» **Assigned task**:
The records below must be output exactly, with no images carried over.

═══ Supplied records ═══

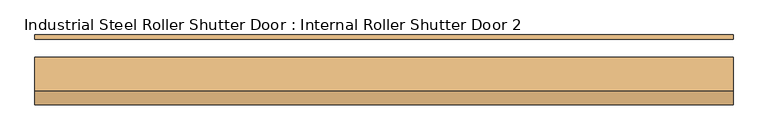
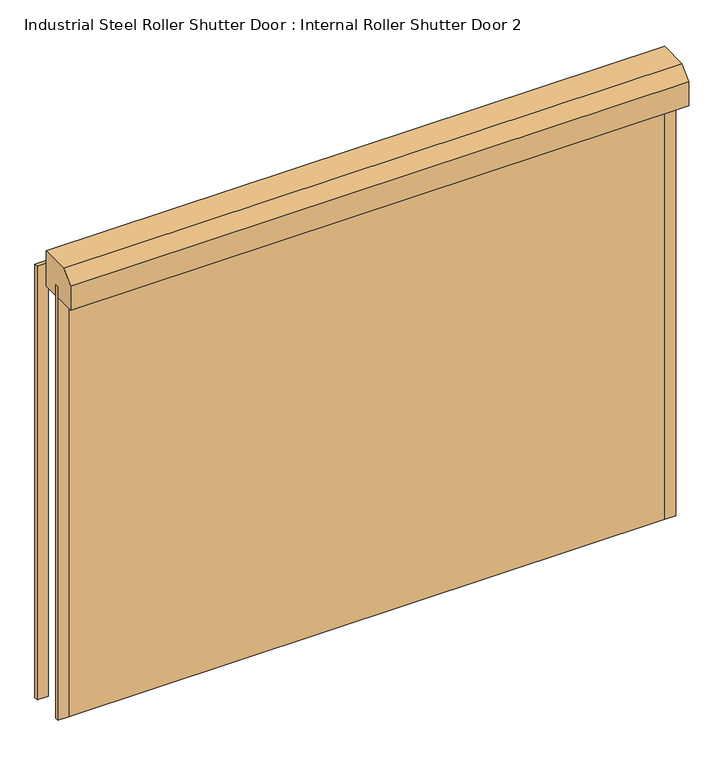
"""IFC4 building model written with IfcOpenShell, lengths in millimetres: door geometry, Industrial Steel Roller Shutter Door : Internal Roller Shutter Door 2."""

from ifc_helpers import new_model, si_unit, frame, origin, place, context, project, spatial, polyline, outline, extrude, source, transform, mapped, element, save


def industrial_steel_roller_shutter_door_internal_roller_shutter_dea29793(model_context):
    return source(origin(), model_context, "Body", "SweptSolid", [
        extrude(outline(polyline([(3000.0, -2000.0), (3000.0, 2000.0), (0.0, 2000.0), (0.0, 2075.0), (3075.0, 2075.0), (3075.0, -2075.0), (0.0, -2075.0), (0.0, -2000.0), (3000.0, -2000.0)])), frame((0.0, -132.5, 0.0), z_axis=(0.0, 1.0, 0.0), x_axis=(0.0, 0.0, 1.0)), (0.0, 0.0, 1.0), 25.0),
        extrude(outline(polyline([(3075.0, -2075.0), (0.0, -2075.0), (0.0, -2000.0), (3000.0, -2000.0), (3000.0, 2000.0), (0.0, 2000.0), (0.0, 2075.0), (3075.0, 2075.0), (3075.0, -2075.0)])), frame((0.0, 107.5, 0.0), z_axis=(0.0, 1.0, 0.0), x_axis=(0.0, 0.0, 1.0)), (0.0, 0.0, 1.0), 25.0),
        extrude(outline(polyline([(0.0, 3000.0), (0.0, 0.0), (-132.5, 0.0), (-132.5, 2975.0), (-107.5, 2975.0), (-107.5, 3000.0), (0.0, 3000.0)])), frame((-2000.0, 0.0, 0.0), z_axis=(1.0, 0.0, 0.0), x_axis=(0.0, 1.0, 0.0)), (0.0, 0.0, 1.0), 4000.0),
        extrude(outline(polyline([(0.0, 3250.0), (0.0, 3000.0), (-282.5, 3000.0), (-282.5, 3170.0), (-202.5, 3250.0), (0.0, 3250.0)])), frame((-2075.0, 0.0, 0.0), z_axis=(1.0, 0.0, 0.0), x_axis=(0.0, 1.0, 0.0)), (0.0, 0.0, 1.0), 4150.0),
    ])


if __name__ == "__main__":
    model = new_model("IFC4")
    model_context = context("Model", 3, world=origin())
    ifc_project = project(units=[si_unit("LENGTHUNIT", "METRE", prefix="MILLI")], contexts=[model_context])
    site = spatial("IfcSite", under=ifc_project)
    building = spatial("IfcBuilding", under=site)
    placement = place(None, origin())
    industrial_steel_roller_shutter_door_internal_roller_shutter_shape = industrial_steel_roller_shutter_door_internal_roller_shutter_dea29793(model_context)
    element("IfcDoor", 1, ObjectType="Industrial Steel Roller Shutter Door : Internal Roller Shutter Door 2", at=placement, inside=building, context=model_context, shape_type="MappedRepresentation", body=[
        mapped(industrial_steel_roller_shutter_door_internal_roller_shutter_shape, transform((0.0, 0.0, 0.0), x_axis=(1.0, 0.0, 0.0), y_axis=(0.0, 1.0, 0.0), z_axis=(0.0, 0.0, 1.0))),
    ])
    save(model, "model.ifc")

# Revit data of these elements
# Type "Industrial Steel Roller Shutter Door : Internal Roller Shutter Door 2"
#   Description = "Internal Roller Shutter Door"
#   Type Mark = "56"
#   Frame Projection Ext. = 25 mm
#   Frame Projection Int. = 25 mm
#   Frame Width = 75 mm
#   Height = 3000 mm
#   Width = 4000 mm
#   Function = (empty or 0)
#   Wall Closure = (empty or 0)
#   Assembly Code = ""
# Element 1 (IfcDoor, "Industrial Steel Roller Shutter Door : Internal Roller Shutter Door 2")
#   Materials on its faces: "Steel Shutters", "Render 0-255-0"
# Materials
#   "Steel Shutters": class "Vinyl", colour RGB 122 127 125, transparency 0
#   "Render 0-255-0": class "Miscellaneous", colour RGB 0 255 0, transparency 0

═══

» **Result for this exercise**:
"""IFC4 building model written with IfcOpenShell, lengths in millimetres: door geometry, Industrial Steel Roller Shutter Door : Internal Roller Shutter Door 2."""

from ifc_helpers import new_model, si_unit, frame, origin, place, context, project, spatial, polyline, outline, extrude, source, transform, mapped, element, save


def industrial_steel_roller_shutter_door_internal_roller_shutter_dea29793(model_context):
    return source(origin(), model_context, "Body", "SweptSolid", [
        extrude(outline(polyline([(3000.0, -2000.0), (3000.0, 2000.0), (0.0, 2000.0), (0.0, 2075.0), (3075.0, 2075.0), (3075.0, -2075.0), (0.0, -2075.0), (0.0, -2000.0), (3000.0, -2000.0)])), frame((0.0, -132.5, 0.0), z_axis=(0.0, 1.0, 0.0), x_axis=(0.0, 0.0, 1.0)), (0.0, 0.0, 1.0), 25.0),
        extrude(outline(polyline([(3075.0, -2075.0), (0.0, -2075.0), (0.0, -2000.0), (3000.0, -2000.0), (3000.0, 2000.0), (0.0, 2000.0), (0.0, 2075.0), (3075.0, 2075.0), (3075.0, -2075.0)])), frame((0.0, 107.5, 0.0), z_axis=(0.0, 1.0, 0.0), x_axis=(0.0, 0.0, 1.0)), (0.0, 0.0, 1.0), 25.0),
        extrude(outline(polyline([(0.0, 3000.0), (0.0, 0.0), (-132.5, 0.0), (-132.5, 2975.0), (-107.5, 2975.0), (-107.5, 3000.0), (0.0, 3000.0)])), frame((-2000.0, 0.0, 0.0), z_axis=(1.0, 0.0, 0.0), x_axis=(0.0, 1.0, 0.0)), (0.0, 0.0, 1.0), 4000.0),
        extrude(outline(polyline([(0.0, 3250.0), (0.0, 3000.0), (-282.5, 3000.0), (-282.5, 3170.0), (-202.5, 3250.0), (0.0, 3250.0)])), frame((-2075.0, 0.0, 0.0), z_axis=(1.0, 0.0, 0.0), x_axis=(0.0, 1.0, 0.0)), (0.0, 0.0, 1.0), 4150.0),
    ])


if __name__ == "__main__":
    model = new_model("IFC4")
    model_context = context("Model", 3, world=origin())
    ifc_project = project(units=[si_unit("LENGTHUNIT", "METRE", prefix="MILLI")], contexts=[model_context])
    site = spatial("IfcSite", under=ifc_project)
    building = spatial("IfcBuilding", under=site)
    placement = place(None, origin())
    industrial_steel_roller_shutter_door_internal_roller_shutter_shape = industrial_steel_roller_shutter_door_internal_roller_shutter_dea29793(model_context)
    element("IfcDoor", 1, ObjectType="Industrial Steel Roller Shutter Door : Internal Roller Shutter Door 2", at=placement, inside=building, context=model_context, shape_type="MappedRepresentation", body=[
        mapped(industrial_steel_roller_shutter_door_internal_roller_shutter_shape, transform((0.0, 0.0, 0.0), x_axis=(1.0, 0.0, 0.0), y_axis=(0.0, 1.0, 0.0), z_axis=(0.0, 0.0, 1.0))),
    ])
    save(model, "model.ifc")

# Revit data of these elements
# Type "Industrial Steel Roller Shutter Door : Internal Roller Shutter Door 2"
#   Description = "Internal Roller Shutter Door"
#   Type Mark = "56"
#   Frame Projection Ext. = 25 mm
#   Frame Projection Int. = 25 mm
#   Frame Width = 75 mm
#   Height = 3000 mm
#   Width = 4000 mm
#   Function = (empty or 0)
#   Wall Closure = (empty or 0)
#   Assembly Code = ""
# Element 1 (IfcDoor, "Industrial Steel Roller Shutter Door : Internal Roller Shutter Door 2")
#   Materials on its faces: "Steel Shutters", "Render 0-255-0"
# Materials
#   "Steel Shutters": class "Vinyl", colour RGB 122 127 125, transparency 0
#   "Render 0-255-0": class "Miscellaneous", colour RGB 0 255 0, transparency 0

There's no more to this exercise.